TRY IT — When you reach the line containing "#329=DIRECTION('',(-1.,0.,0.));" in the entries below, begin reproducing lines exactly, and stop once the line containing "#421=CARTESIAN_POINT('',(1454.38,-183.403,-317.013));" is done.

——————

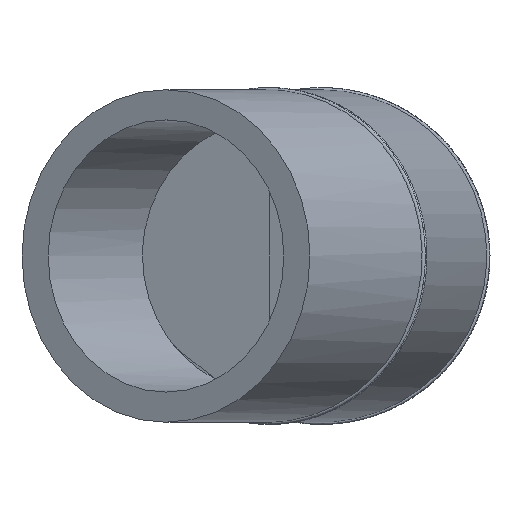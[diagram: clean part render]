
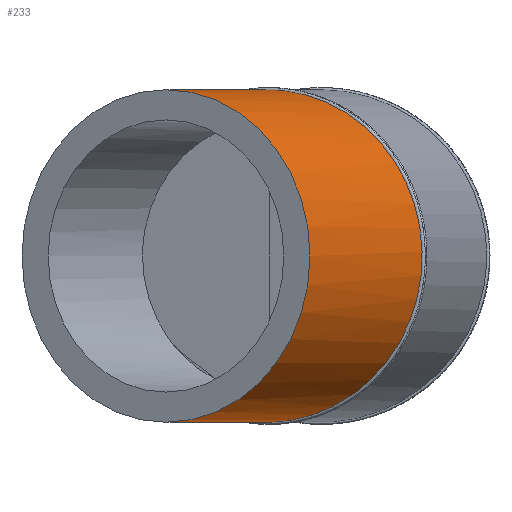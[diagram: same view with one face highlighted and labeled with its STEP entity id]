
A CAD part, front view. The second image highlights one B-rep face of the part: STEP entity #233.
In plain terms, the highlighted cylindrical face has radius 315 mm (diameter 630 mm), a full revolution.
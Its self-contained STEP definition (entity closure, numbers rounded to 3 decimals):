
#37=B_SPLINE_CURVE_WITH_KNOTS('',3,(#396,#397,#398,#399,#400,#401,#402,
#403,#404,#405,#406,#407,#408,#409,#410,#411,#412,#413,#414,#415,#416,#417,
#418,#419,#420,#421,#422,#423,#424,#425,#426,#427,#428,#429,#430),
 .UNSPECIFIED.,.T.,.F.,(1,1,1,1,1,1,1,1,1,1,1,1,1,1,1,1,1,1,1,1,1,1,1,1,
1,1,1,1,1,1,1,1,1,1,1,1,1,1,1),(-0.186,-0.124,-0.062,
0.,0.062,0.124,0.186,
0.249,0.311,0.373,0.435,0.497,
0.559,0.622,0.684,0.746,
0.808,0.87,0.932,0.995,1.057,
1.119,1.181,1.243,1.305,1.368,
1.43,1.492,1.554,1.616,1.678,
1.741,1.803,1.865,1.927,1.989,
2.051,2.114,2.176),.UNSPECIFIED.);
#46=CYLINDRICAL_SURFACE('',#283,315.);
#78=ORIENTED_EDGE('',*,*,#130,.T.);
#79=ORIENTED_EDGE('',*,*,#123,.F.);
#123=EDGE_CURVE('',#149,#149,#169,.T.);
#130=EDGE_CURVE('',#156,#156,#37,.T.);
#149=VERTEX_POINT('',#381);
#156=VERTEX_POINT('',#431);
#169=CIRCLE('',#275,315.);
#175=EDGE_LOOP('',(#78));
#176=EDGE_LOOP('',(#79));
#203=FACE_BOUND('',#175,.T.);
#204=FACE_BOUND('',#176,.T.);
#233=ADVANCED_FACE('',(#203,#204),#46,.T.);
#275=AXIS2_PLACEMENT_3D('',#380,#312,#313);
#283=AXIS2_PLACEMENT_3D('',#395,#328,#329);
#312=DIRECTION('',(0.,1.,0.));
#313=DIRECTION('',(-1.,0.,0.));
#328=DIRECTION('',(0.,1.,0.));
#329=DIRECTION('',(-1.,0.,0.));
#380=CARTESIAN_POINT('',(1454.363,200.,0.));
#381=CARTESIAN_POINT('',(1139.363,200.,0.));
#395=CARTESIAN_POINT('',(1454.363,-232.941,0.));
#396=CARTESIAN_POINT('',(1143.464,-142.504,-62.139));
#397=CARTESIAN_POINT('',(1137.313,-141.696,0.005));
#398=CARTESIAN_POINT('',(1143.461,-142.504,62.118));
#399=CARTESIAN_POINT('',(1161.644,-144.894,121.786));
#400=CARTESIAN_POINT('',(1191.116,-148.768,176.673));
#401=CARTESIAN_POINT('',(1230.682,-153.971,224.667));
#402=CARTESIAN_POINT('',(1278.769,-160.295,263.952));
#403=CARTESIAN_POINT('',(1333.499,-167.494,293.074));
#404=CARTESIAN_POINT('',(1392.776,-175.294,310.974));
#405=CARTESIAN_POINT('',(1454.361,-183.401,317.013));
#406=CARTESIAN_POINT('',(1515.945,-191.51,310.975));
#407=CARTESIAN_POINT('',(1575.22,-199.317,293.077));
#408=CARTESIAN_POINT('',(1629.95,-206.528,263.956));
#409=CARTESIAN_POINT('',(1678.031,-212.865,224.68));
#410=CARTESIAN_POINT('',(1717.61,-218.083,176.675));
#411=CARTESIAN_POINT('',(1747.08,-221.968,121.791));
#412=CARTESIAN_POINT('',(1765.264,-224.366,62.124));
#413=CARTESIAN_POINT('',(1771.412,-225.177,0.01));
#414=CARTESIAN_POINT('',(1765.268,-224.367,-62.104));
#415=CARTESIAN_POINT('',(1747.088,-221.969,-121.772));
#416=CARTESIAN_POINT('',(1717.622,-218.084,-176.656));
#417=CARTESIAN_POINT('',(1678.05,-212.868,-224.662));
#418=CARTESIAN_POINT('',(1629.968,-206.531,-263.944));
#419=CARTESIAN_POINT('',(1575.24,-199.32,-293.069));
#420=CARTESIAN_POINT('',(1515.965,-191.512,-310.971));
#421=CARTESIAN_POINT('',(1454.38,-183.403,-317.013));
#422=CARTESIAN_POINT('',(1392.796,-175.297,-310.978));
#423=CARTESIAN_POINT('',(1333.518,-167.497,-293.082));
#424=CARTESIAN_POINT('',(1278.787,-160.297,-263.963));
#425=CARTESIAN_POINT('',(1230.703,-153.973,-224.688));
#426=CARTESIAN_POINT('',(1191.122,-148.769,-176.683));
#427=CARTESIAN_POINT('',(1161.65,-144.895,-121.798));
#428=CARTESIAN_POINT('',(1143.464,-142.504,-62.139));
#429=CARTESIAN_POINT('',(1137.313,-141.696,0.005));
#430=CARTESIAN_POINT('',(1143.461,-142.504,62.118));
#431=CARTESIAN_POINT('',(1139.363,-141.965,0.));
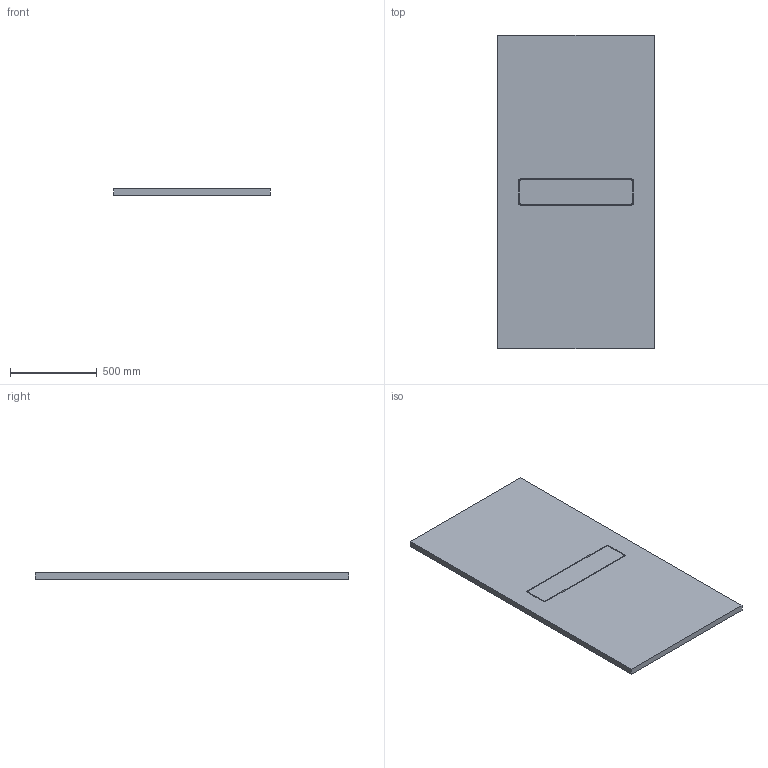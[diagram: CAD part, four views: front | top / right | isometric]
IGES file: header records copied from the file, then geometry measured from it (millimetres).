
Global section: file name: D:\Desktop\GIOVANNI\SCHEDE PRODOTTO\PIATTI DOCCIA\VERVE\3D\PIATTO DOCCIA_VERVE.igs; native system: Rhinoceros ( Jan 17 2018 ); preprocessor: Trout Lake IGES 012 Jan 17 2018; date: 230525.094719; units: millimetre
Bounding box: 900 x 1800 x 35 mm (x, y, z)
Surface area: 3487853.1 mm2 (no closed solid volume)
Topology: 0 solids, 0 shells, 24 faces, 120 edges, 120 vertices
Faces by surface type: bspline 24

——————

ANSWER TO THE EXERCISE —
#329=DIRECTION('',(-1.,0.,0.));
#380=CARTESIAN_POINT('',(1454.363,200.,0.));
#381=CARTESIAN_POINT('',(1139.363,200.,0.));
#395=CARTESIAN_POINT('',(1454.363,-232.941,0.));
#396=CARTESIAN_POINT('',(1143.464,-142.504,-62.139));
#397=CARTESIAN_POINT('',(1137.313,-141.696,0.005));
#398=CARTESIAN_POINT('',(1143.461,-142.504,62.118));
#399=CARTESIAN_POINT('',(1161.644,-144.894,121.786));
#400=CARTESIAN_POINT('',(1191.116,-148.768,176.673));
#401=CARTESIAN_POINT('',(1230.682,-153.971,224.667));
#402=CARTESIAN_POINT('',(1278.769,-160.295,263.952));
#403=CARTESIAN_POINT('',(1333.499,-167.494,293.074));
#404=CARTESIAN_POINT('',(1392.776,-175.294,310.974));
#405=CARTESIAN_POINT('',(1454.361,-183.401,317.013));
#406=CARTESIAN_POINT('',(1515.945,-191.51,310.975));
#407=CARTESIAN_POINT('',(1575.22,-199.317,293.077));
#408=CARTESIAN_POINT('',(1629.95,-206.528,263.956));
#409=CARTESIAN_POINT('',(1678.031,-212.865,224.68));
#410=CARTESIAN_POINT('',(1717.61,-218.083,176.675));
#411=CARTESIAN_POINT('',(1747.08,-221.968,121.791));
#412=CARTESIAN_POINT('',(1765.264,-224.366,62.124));
#413=CARTESIAN_POINT('',(1771.412,-225.177,0.01));
#414=CARTESIAN_POINT('',(1765.268,-224.367,-62.104));
#415=CARTESIAN_POINT('',(1747.088,-221.969,-121.772));
#416=CARTESIAN_POINT('',(1717.622,-218.084,-176.656));
#417=CARTESIAN_POINT('',(1678.05,-212.868,-224.662));
#418=CARTESIAN_POINT('',(1629.968,-206.531,-263.944));
#419=CARTESIAN_POINT('',(1575.24,-199.32,-293.069));
#420=CARTESIAN_POINT('',(1515.965,-191.512,-310.971));
#421=CARTESIAN_POINT('',(1454.38,-183.403,-317.013));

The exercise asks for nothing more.